Almost all the studies had a high percentage of ‘false’-positive urine tests for the detection of concomitant recurrences, resulting in low specificity. In many articles, the authors justified these percentages with the well-known phenomenon of the anticipatory effect, i.e. the urine test detects recurrent tumours earlier than cystoscopy.
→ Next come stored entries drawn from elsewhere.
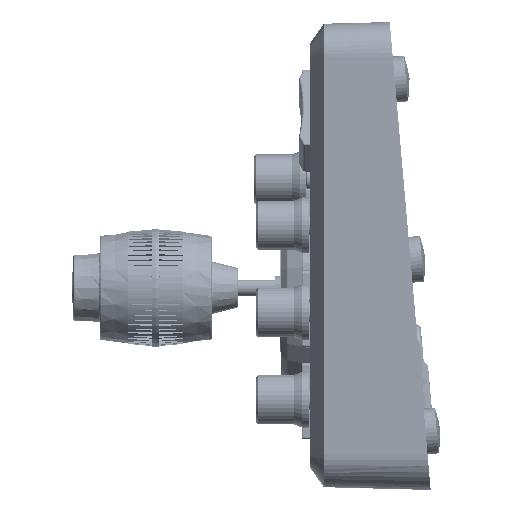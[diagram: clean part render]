
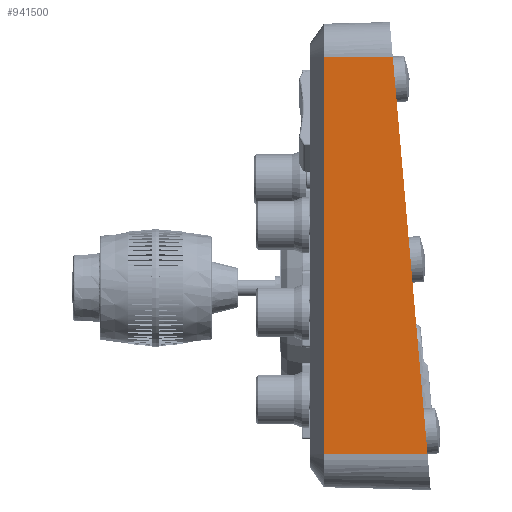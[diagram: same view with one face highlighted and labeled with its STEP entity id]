
A CAD part, left-side view. The second image highlights one B-rep face of the part: STEP entity #941500.
In plain terms, the highlighted planar face has unit normal (-1, 0.026, 0).
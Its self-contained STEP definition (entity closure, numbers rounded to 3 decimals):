
#16907 = CARTESIAN_POINT ( 'NONE',  ( -127.5, 5.253, -60.037 ) ) ;
#27427 = LINE ( 'NONE', #320250, #817098 ) ;
#44388 = EDGE_LOOP ( 'NONE', ( #334109, #820103, #150780, #222418 ) ) ;
#85581 = VERTEX_POINT ( 'NONE', #349172 ) ;
#130619 = DIRECTION ( 'NONE',  ( 0., 0.087, -0.996 ) ) ;
#150780 = ORIENTED_EDGE ( 'NONE', *, *, #494187, .T. ) ;
#172839 = CARTESIAN_POINT ( 'NONE',  ( -127.612, -9.513, 59.627 ) ) ;
#199282 = DIRECTION ( 'NONE',  ( 0.026, 0.996, 0.087 ) ) ;
#202712 = DIRECTION ( 'NONE',  ( -0.026, -1., 0. ) ) ;
#216504 = EDGE_CURVE ( 'NONE', #85581, #598934, #27427, .T. ) ;
#222194 = CARTESIAN_POINT ( 'NONE',  ( -128.437, -30.376, -63.154 ) ) ;
#222418 = ORIENTED_EDGE ( 'NONE', *, *, #216504, .F. ) ;
#301579 = EDGE_CURVE ( 'NONE', #552507, #617185, #495531, .T. ) ;
#309772 = DIRECTION ( 'NONE',  ( -0.026, -0.996, -0.087 ) ) ;
#320250 = CARTESIAN_POINT ( 'NONE',  ( -128.46, -30.376, -73.252 ) ) ;
#334109 = ORIENTED_EDGE ( 'NONE', *, *, #728250, .T. ) ;
#349172 = CARTESIAN_POINT ( 'NONE',  ( -128.16, -30.376, 57.802 ) ) ;
#377457 = VECTOR ( 'NONE', #309772, 1000. ) ;
#414131 = FACE_OUTER_BOUND ( 'NONE', #44388, .T. ) ;
#487665 = VECTOR ( 'NONE', #130619, 1000. ) ;
#494187 = EDGE_CURVE ( 'NONE', #617185, #598934, #674819, .T. ) ;
#495531 = LINE ( 'NONE', #788571, #487665 ) ;
#548875 = CARTESIAN_POINT ( 'NONE',  ( -127.612, 0.989, -60.41 ) ) ;
#552507 = VERTEX_POINT ( 'NONE', #172839 ) ;
#564290 = LINE ( 'NONE', #857421, #857929 ) ;
#567689 = CARTESIAN_POINT ( 'NONE',  ( -127.5, -6.124, 70. ) ) ;
#598934 = VERTEX_POINT ( 'NONE', #222194 ) ;
#613217 = DIRECTION ( 'NONE',  ( -0.002, 0., -1. ) ) ;
#617185 = VERTEX_POINT ( 'NONE', #548875 ) ;
#674819 = LINE ( 'NONE', #16907, #377457 ) ;
#707089 = PLANE ( 'NONE',  #806740 ) ;
#728250 = EDGE_CURVE ( 'NONE', #85581, #552507, #564290, .T. ) ;
#788571 = CARTESIAN_POINT ( 'NONE',  ( -127.612, -10.388, 69.627 ) ) ;
#806740 = AXIS2_PLACEMENT_3D ( 'NONE', #567689, #860807, #202712 ) ;
#817098 = VECTOR ( 'NONE', #613217, 1000. ) ;
#820103 = ORIENTED_EDGE ( 'NONE', *, *, #301579, .T. ) ;
#857421 = CARTESIAN_POINT ( 'NONE',  ( -127.5, -5.249, 60. ) ) ;
#857929 = VECTOR ( 'NONE', #199282, 1000. ) ;
#860807 = DIRECTION ( 'NONE',  ( -1., 0.026, 0.002 ) ) ;
#941500 = ADVANCED_FACE ( 'NONE', ( #414131 ), #707089, .T. ) ;
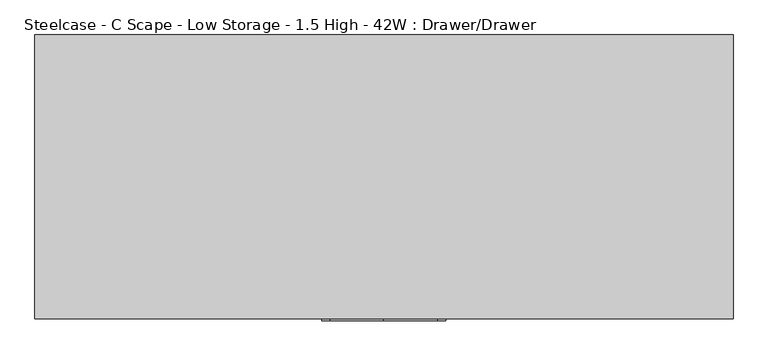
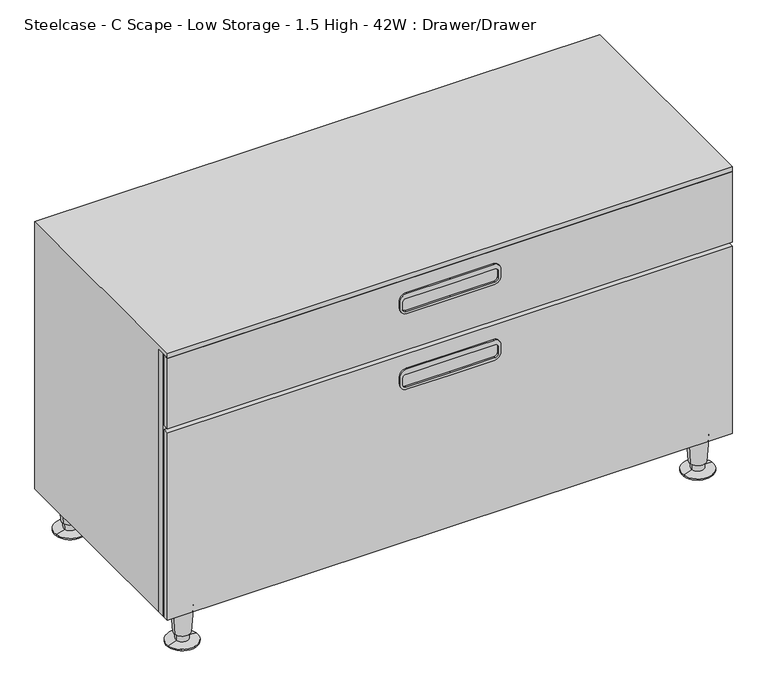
"""IFC4 building model written with IfcOpenShell, lengths in millimetres: furniture geometry, Steelcase - C Scape - Low Storage - 1.5 High - 42W : Drawer/Drawer."""

from ifc_helpers import new_model, si_unit, point, frame, frame_2d, origin, place, context, project, spatial, polyline, circle_curve, trimmed, segment, composite_curve, outline, extrude, faceted_brep, source, transform, mapped, element, save
from ifc_brep_helpers import plane_surface, cylinder_surface, revolved_surface, advanced_brep


def steelcase_c_scape_low_storage_1_5_high_42w_drawer_drawer_9a1840af(model_context):
    return source(origin(), model_context, "Body", "SolidModel", [
        extrude(outline(polyline([(599.44, 532.2710512), (599.44, 0.0), (76.1999955, 0.0), (76.1999955, 1065.53), (599.44, 1065.53), (599.44, 532.2710512)]), holes=[polyline([(92.7100024, 1043.5617285), (92.7100024, 21.3382324), (582.93, 21.3382324), (582.93, 1043.5617285), (92.7100024, 1043.5617285)])]), frame((0.0, -419.3484735, 0.0), z_axis=(0.0, 1.0, 0.0), x_axis=(0.0, 0.0, 1.0)), (0.0, 0.0, 1.0), 14.9862946),
        extrude(outline(composite_curve([segment(trimmed(circle_curve(frame_2d((560.7050073, 450.2147442)), 12.7), [point((573.4050073, 450.2147442))], [point((560.7050073, 437.5147442))], False, "CARTESIAN"), True, "CONTINUOUS"), segment(polyline([(560.7050073, 437.5147442), (546.1000363, 437.5147442)]), True, "CONTINUOUS"), segment(trimmed(circle_curve(frame_2d((546.1000363, 450.2147442)), 12.7), [point((546.1000363, 437.5147442))], [point((533.4000363, 450.2147442))], False, "CARTESIAN"), True, "CONTINUOUS"), segment(polyline([(533.4000363, 450.2147442), (533.4000363, 532.4475), (533.4000363, 614.6802558)]), True, "CONTINUOUS"), segment(trimmed(circle_curve(frame_2d((546.1000363, 614.6802558)), 12.7), [point((533.4000363, 614.6802558))], [point((546.1000363, 627.3802558))], False, "CARTESIAN"), True, "CONTINUOUS"), segment(polyline([(546.1000363, 627.3802558), (560.7050073, 627.3802558)]), True, "CONTINUOUS"), segment(trimmed(circle_curve(frame_2d((560.7050073, 614.6802558)), 12.7), [point((560.7050073, 627.3802558))], [point((573.4050073, 614.6802558))], False, "CARTESIAN"), True, "CONTINUOUS"), segment(polyline([(573.4050073, 614.6802558), (573.4050073, 532.4475), (573.4050073, 450.2147442)]), True, "CONTINUOUS")], self_intersect=False), holes=[composite_curve([segment(trimmed(circle_curve(frame_2d((557.2760257, 448.6923565)), 6.35), [point((557.2760257, 442.3423565))], [point((563.6260257, 448.6923565))], True, "CARTESIAN"), True, "CONTINUOUS"), segment(polyline([(563.6260257, 448.6923565), (563.6260257, 532.4475), (563.6260257, 616.2026435)]), True, "CONTINUOUS"), segment(trimmed(circle_curve(frame_2d((557.2760257, 616.2026435)), 6.35), [point((563.6260257, 616.2026435))], [point((557.2760257, 622.5526435))], True, "CARTESIAN"), True, "CONTINUOUS"), segment(polyline([(557.2760257, 622.5526435), (544.5760136, 622.5526435)]), True, "CONTINUOUS"), segment(trimmed(circle_curve(frame_2d((544.5760136, 616.2026435)), 6.35), [point((544.5760136, 622.5526435))], [point((538.2260136, 616.2026435))], True, "CARTESIAN"), True, "CONTINUOUS"), segment(polyline([(538.2260136, 616.2026435), (538.2260136, 532.4475), (538.2260136, 448.6923565)]), True, "CONTINUOUS"), segment(trimmed(circle_curve(frame_2d((544.5760136, 448.6923565)), 6.35), [point((538.2260136, 448.6923565))], [point((544.5760136, 442.3423565))], True, "CARTESIAN"), True, "CONTINUOUS"), segment(polyline([(544.5760136, 442.3423565), (557.2760257, 442.3423565)]), True, "CONTINUOUS")], self_intersect=False)]), frame((0.0, -436.118, 0.0), z_axis=(0.0, 1.0, 0.0), x_axis=(0.0, 0.0, 1.0)), (0.0, 0.0, 1.0), 3.048),
        extrude(outline(composite_curve([segment(trimmed(circle_curve(frame_2d((409.5749879, 450.2147442)), 12.7), [point((422.2749879, 450.2147442))], [point((409.5749879, 437.5147442))], False, "CARTESIAN"), True, "CONTINUOUS"), segment(polyline([(409.5749879, 437.5147442), (394.970017, 437.5147442)]), True, "CONTINUOUS"), segment(trimmed(circle_curve(frame_2d((394.970017, 450.2147442)), 12.7), [point((394.970017, 437.5147442))], [point((382.270017, 450.2147442))], False, "CARTESIAN"), True, "CONTINUOUS"), segment(polyline([(382.270017, 450.2147442), (382.270017, 532.4475), (382.270017, 614.6802558)]), True, "CONTINUOUS"), segment(trimmed(circle_curve(frame_2d((394.970017, 614.6802558)), 12.7), [point((382.270017, 614.6802558))], [point((394.970017, 627.3802558))], False, "CARTESIAN"), True, "CONTINUOUS"), segment(polyline([(394.970017, 627.3802558), (409.5749879, 627.3802558)]), True, "CONTINUOUS"), segment(trimmed(circle_curve(frame_2d((409.5749879, 614.6802558)), 12.7), [point((409.5749879, 627.3802558))], [point((422.2749879, 614.6802558))], False, "CARTESIAN"), True, "CONTINUOUS"), segment(polyline([(422.2749879, 614.6802558), (422.2749879, 532.4475), (422.2749879, 450.2147442)]), True, "CONTINUOUS")], self_intersect=False), holes=[composite_curve([segment(trimmed(circle_curve(frame_2d((406.1460063, 448.6923565)), 6.35), [point((406.1460063, 442.3423565))], [point((412.4960063, 448.6923565))], True, "CARTESIAN"), True, "CONTINUOUS"), segment(polyline([(412.4960063, 448.6923565), (412.4960063, 532.4475), (412.4960063, 616.2026435)]), True, "CONTINUOUS"), segment(trimmed(circle_curve(frame_2d((406.1460063, 616.2026435)), 6.35), [point((412.4960063, 616.2026435))], [point((406.1460063, 622.5526435))], True, "CARTESIAN"), True, "CONTINUOUS"), segment(polyline([(406.1460063, 622.5526435), (393.4459942, 622.5526435)]), True, "CONTINUOUS"), segment(trimmed(circle_curve(frame_2d((393.4459942, 616.2026435)), 6.35), [point((393.4459942, 622.5526435))], [point((387.0959942, 616.2026435))], True, "CARTESIAN"), True, "CONTINUOUS"), segment(polyline([(387.0959942, 616.2026435), (387.0959942, 532.4475), (387.0959942, 448.6923565)]), True, "CONTINUOUS"), segment(trimmed(circle_curve(frame_2d((393.4459942, 448.6923565)), 6.35), [point((387.0959942, 448.6923565))], [point((393.4459942, 442.3423565))], True, "CARTESIAN"), True, "CONTINUOUS"), segment(polyline([(393.4459942, 442.3423565), (406.1460063, 442.3423565)]), True, "CONTINUOUS")], self_intersect=False)]), frame((0.0, -436.118, 0.0), z_axis=(0.0, 1.0, 0.0), x_axis=(0.0, 0.0, 1.0)), (0.0, 0.0, 1.0), 3.048),
        advanced_brep(
        [(1038.2598695, -31.5218435, 76.2), (1000.5981305, -37.2840847, 76.2), (1019.429, -34.4029641, 76.2), (1034.3095214, -32.1262463, 19.05), (1004.5484786, -36.6796819, 19.05), (1031.8799345, -32.4979728, 19.05), (1006.9780655, -36.3079555, 19.05), (1031.191165, -32.6033544, 5.7545598), (1007.666835, -36.2025738, 5.7545598), (1048.5400485, -29.9489775, 2.5119506), (990.3179515, -38.8569507, 2.5119506), (1048.5400485, -29.9489775, 0.0), (990.3179515, -38.8569507, 0.0), (1019.429, -34.4029641, 0.0)],
        [
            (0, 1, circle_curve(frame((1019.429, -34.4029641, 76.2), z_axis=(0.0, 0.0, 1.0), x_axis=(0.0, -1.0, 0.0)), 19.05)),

It is accepted in the literature that anticipatory detection would include recurrences that occur within the next 18 months after a positive biomarker test [54]. In any case, performing a cystoscopy because of a false positive is more acceptable than missing a tumour because of a false negative.

Other limitations of the studies included in this review are the retrospective nature of some of the cohorts used for the outcome analysis, artificial oversampling of the recurrence rate by recruiting patients scheduled for transurethral resection of a proven bladder tumour, and using the same population for the training and the validation sets, which increases the possibility that the performance of the biomarker may be artificially inflated due to over-fitting.

In this review, most of the biomarker tests are dichotomous, providing either positive (tumour detected) or negative (no tumour) test results. However, giving a numerical prediction of the probability of a recurrent tumour may be more helpful to urologists in terms of their decision-making.

Moreover, there is a lack of uniformity in the design of the studies. Some of the works describe surveillance programs but they create the cohorts. Many of the biomarkers tested need clinical information to complete an algorithm and yield a positive or negative result, which increases subjectivity and decreases the homogeneity of results.

The main limitations were the lack of randomized control trials and the diverse study outcomes, which made meta-analysis impossible to perform. Comparison between sensitivity and specificity of different biomarkers may generate a bias due to the different incidence and different cohort.

Literature lacks of direct comparison between urinary biomarkers and gold standard maybe due to commercial interests.

Conclusion

BC is one of the most expensive tumours due to its high recurrence rate and the costs of the follow-up protocols.

This is the reason why there is an increased interest in biomarkers, in order to reduce the number of exploratory investigations and improve the quality of life of patients with BC. In this review, there are some genetic biomarkers with higher negative predictive value and sensitivity, especially for high-grade tumours, compared to the gold standard. European and US guidelines still recommend cystoscopy and cytology for follow-up. Genetic urinary biomarkers are a very heterogeneous group of test that nowadays cannot replace the standard pathway of surveillance with cystoscopy and cytology. Although there are some ongoing clinical trials comparing both options, there is no level 1 evidence to support their recommendation instead of the gold standard.